» Work request
Look through the entries. Copy each line that has the word "Incl".

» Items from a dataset
+--
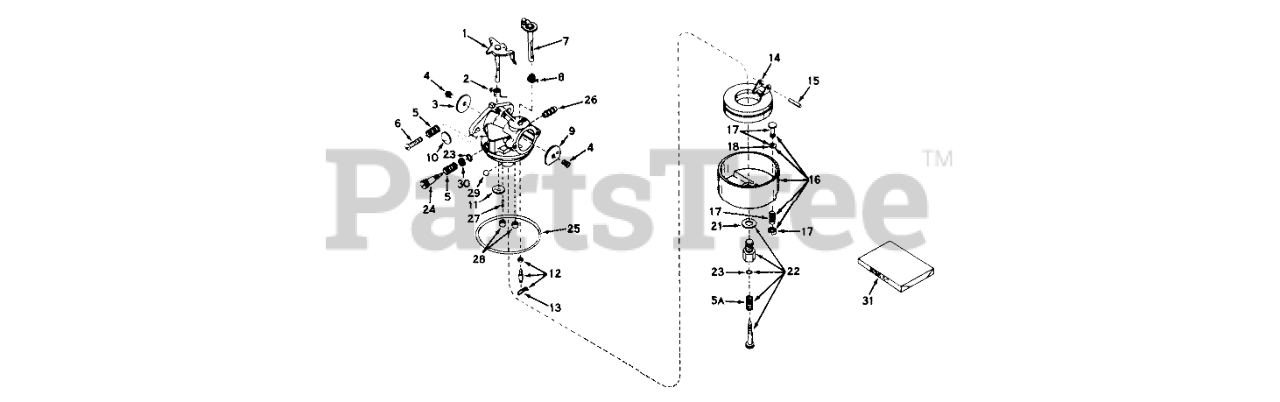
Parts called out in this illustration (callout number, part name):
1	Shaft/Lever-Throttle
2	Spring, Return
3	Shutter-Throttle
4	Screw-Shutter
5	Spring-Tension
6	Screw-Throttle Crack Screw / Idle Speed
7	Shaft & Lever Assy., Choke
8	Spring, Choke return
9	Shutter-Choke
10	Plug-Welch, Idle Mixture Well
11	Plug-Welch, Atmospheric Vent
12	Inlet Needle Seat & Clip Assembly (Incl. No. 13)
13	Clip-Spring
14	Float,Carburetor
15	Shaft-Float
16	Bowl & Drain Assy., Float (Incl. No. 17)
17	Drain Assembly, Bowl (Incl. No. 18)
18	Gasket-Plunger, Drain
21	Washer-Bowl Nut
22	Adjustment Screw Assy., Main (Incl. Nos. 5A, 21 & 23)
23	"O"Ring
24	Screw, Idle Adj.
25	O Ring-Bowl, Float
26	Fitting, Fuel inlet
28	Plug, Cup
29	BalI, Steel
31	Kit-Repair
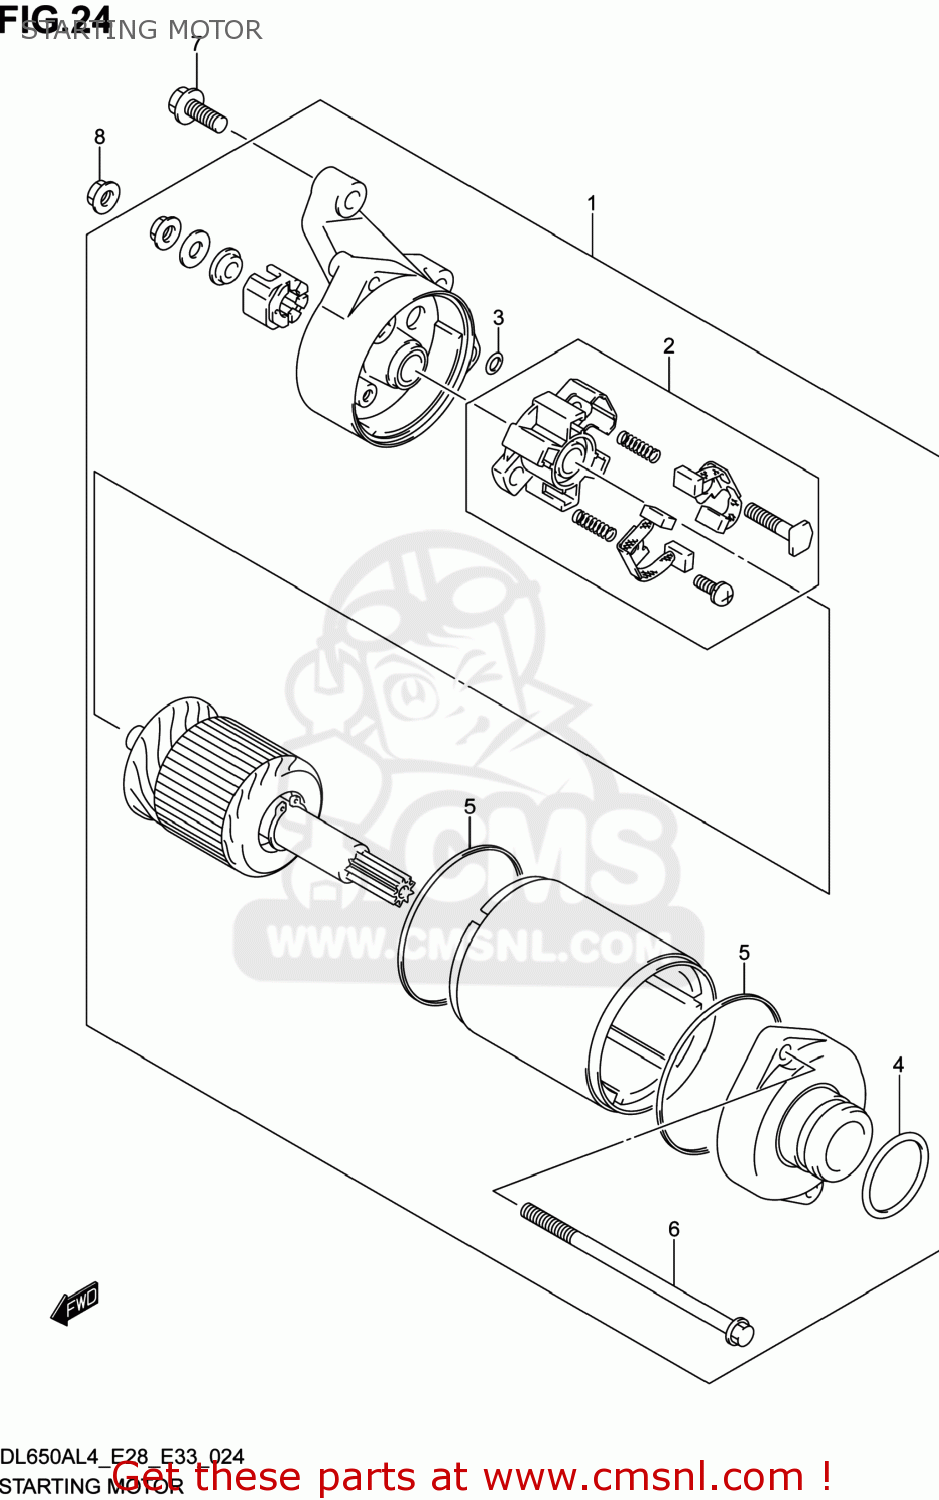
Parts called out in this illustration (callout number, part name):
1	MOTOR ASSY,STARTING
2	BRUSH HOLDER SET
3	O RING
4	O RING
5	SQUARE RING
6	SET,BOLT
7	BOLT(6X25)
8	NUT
+--
» Final answer
12	Inlet Needle Seat & Clip Assembly (Incl. No. 13)
16	Bowl & Drain Assy., Float (Incl. No. 17)
17	Drain Assembly, Bowl (Incl. No. 18)
22	Adjustment Screw Assy., Main (Incl. Nos. 5A, 21 & 23)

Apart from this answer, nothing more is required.